WHAT YOU HAVE TO DO
Make a verbatim copy of all the records.

DATA EXTRACT
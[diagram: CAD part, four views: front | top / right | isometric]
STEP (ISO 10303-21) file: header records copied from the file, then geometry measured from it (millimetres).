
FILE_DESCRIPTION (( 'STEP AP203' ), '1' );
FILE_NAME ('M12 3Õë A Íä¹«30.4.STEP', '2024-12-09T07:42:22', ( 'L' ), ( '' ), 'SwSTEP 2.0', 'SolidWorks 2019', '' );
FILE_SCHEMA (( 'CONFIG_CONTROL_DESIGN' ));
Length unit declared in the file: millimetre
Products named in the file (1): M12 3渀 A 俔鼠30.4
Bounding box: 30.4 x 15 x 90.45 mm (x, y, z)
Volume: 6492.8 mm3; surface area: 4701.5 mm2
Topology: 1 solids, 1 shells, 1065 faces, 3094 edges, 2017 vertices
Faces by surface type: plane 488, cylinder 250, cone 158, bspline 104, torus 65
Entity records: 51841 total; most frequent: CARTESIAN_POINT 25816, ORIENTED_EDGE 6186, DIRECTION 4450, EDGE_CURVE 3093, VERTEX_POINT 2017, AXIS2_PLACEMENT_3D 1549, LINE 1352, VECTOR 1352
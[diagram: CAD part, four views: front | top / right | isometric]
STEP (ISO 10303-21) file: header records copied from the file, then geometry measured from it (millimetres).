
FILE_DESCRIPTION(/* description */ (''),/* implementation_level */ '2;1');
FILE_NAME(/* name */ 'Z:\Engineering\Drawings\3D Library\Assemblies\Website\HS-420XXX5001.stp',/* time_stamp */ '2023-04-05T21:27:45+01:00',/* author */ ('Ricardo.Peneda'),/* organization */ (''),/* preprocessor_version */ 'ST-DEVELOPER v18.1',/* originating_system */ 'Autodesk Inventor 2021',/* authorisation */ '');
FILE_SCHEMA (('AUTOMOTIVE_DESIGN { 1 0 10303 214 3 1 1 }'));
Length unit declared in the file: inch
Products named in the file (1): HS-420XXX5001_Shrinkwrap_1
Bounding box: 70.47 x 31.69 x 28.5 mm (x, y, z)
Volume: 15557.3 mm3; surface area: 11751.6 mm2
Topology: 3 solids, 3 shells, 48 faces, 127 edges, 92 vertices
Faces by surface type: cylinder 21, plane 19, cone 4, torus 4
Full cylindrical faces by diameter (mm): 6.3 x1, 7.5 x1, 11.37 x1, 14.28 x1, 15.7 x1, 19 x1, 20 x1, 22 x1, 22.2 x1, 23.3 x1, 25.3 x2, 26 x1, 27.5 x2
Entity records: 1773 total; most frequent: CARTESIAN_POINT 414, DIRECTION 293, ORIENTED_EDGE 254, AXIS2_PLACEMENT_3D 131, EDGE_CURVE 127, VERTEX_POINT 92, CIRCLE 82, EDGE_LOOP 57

TASK RESULT
[diagram: CAD part, four views: front | top / right | isometric]
STEP (ISO 10303-21) file: header records copied from the file, then geometry measured from it (millimetres).
FILE_DESCRIPTION (( 'STEP AP203' ), '1' );
FILE_NAME ('M12 3Õë A Íä¹«30.4.STEP', '2024-12-09T07:42:22', ( 'L' ), ( '' ), 'SwSTEP 2.0', 'SolidWorks 2019', '' );
FILE_SCHEMA (( 'CONFIG_CONTROL_DESIGN' ));
Length unit declared in the file: millimetre
Products named in the file (1): M12 3渀 A 俔鼠30.4
Bounding box: 30.4 x 15 x 90.45 mm (x, y, z)
Volume: 6492.8 mm3; surface area: 4701.5 mm2
Topology: 1 solids, 1 shells, 1065 faces, 3094 edges, 2017 vertices
Faces by surface type: plane 488, cylinder 250, cone 158, bspline 104, torus 65
Entity records: 51841 total; most frequent: CARTESIAN_POINT 25816, ORIENTED_EDGE 6186, DIRECTION 4450, EDGE_CURVE 3093, VERTEX_POINT 2017, AXIS2_PLACEMENT_3D 1549, LINE 1352, VECTOR 1352
[diagram: CAD part, four views: front | top / right | isometric]
STEP (ISO 10303-21) file: header records copied from the file, then geometry measured from it (millimetres).
FILE_DESCRIPTION(/* description */ (''),/* implementation_level */ '2;1');
FILE_NAME(/* name */ 'Z:\Engineering\Drawings\3D Library\Assemblies\Website\HS-420XXX5001.stp',/* time_stamp */ '2023-04-05T21:27:45+01:00',/* author */ ('Ricardo.Peneda'),/* organization */ (''),/* preprocessor_version */ 'ST-DEVELOPER v18.1',/* originating_system */ 'Autodesk Inventor 2021',/* authorisation */ '');
FILE_SCHEMA (('AUTOMOTIVE_DESIGN { 1 0 10303 214 3 1 1 }'));
Length unit declared in the file: inch
Products named in the file (1): HS-420XXX5001_Shrinkwrap_1
Bounding box: 70.47 x 31.69 x 28.5 mm (x, y, z)
Volume: 15557.3 mm3; surface area: 11751.6 mm2
Topology: 3 solids, 3 shells, 48 faces, 127 edges, 92 vertices
Faces by surface type: cylinder 21, plane 19, cone 4, torus 4
Full cylindrical faces by diameter (mm): 6.3 x1, 7.5 x1, 11.37 x1, 14.28 x1, 15.7 x1, 19 x1, 20 x1, 22 x1, 22.2 x1, 23.3 x1, 25.3 x2, 26 x1, 27.5 x2
Entity records: 1773 total; most frequent: CARTESIAN_POINT 414, DIRECTION 293, ORIENTED_EDGE 254, AXIS2_PLACEMENT_3D 131, EDGE_CURVE 127, VERTEX_POINT 92, CIRCLE 82, EDGE_LOOP 57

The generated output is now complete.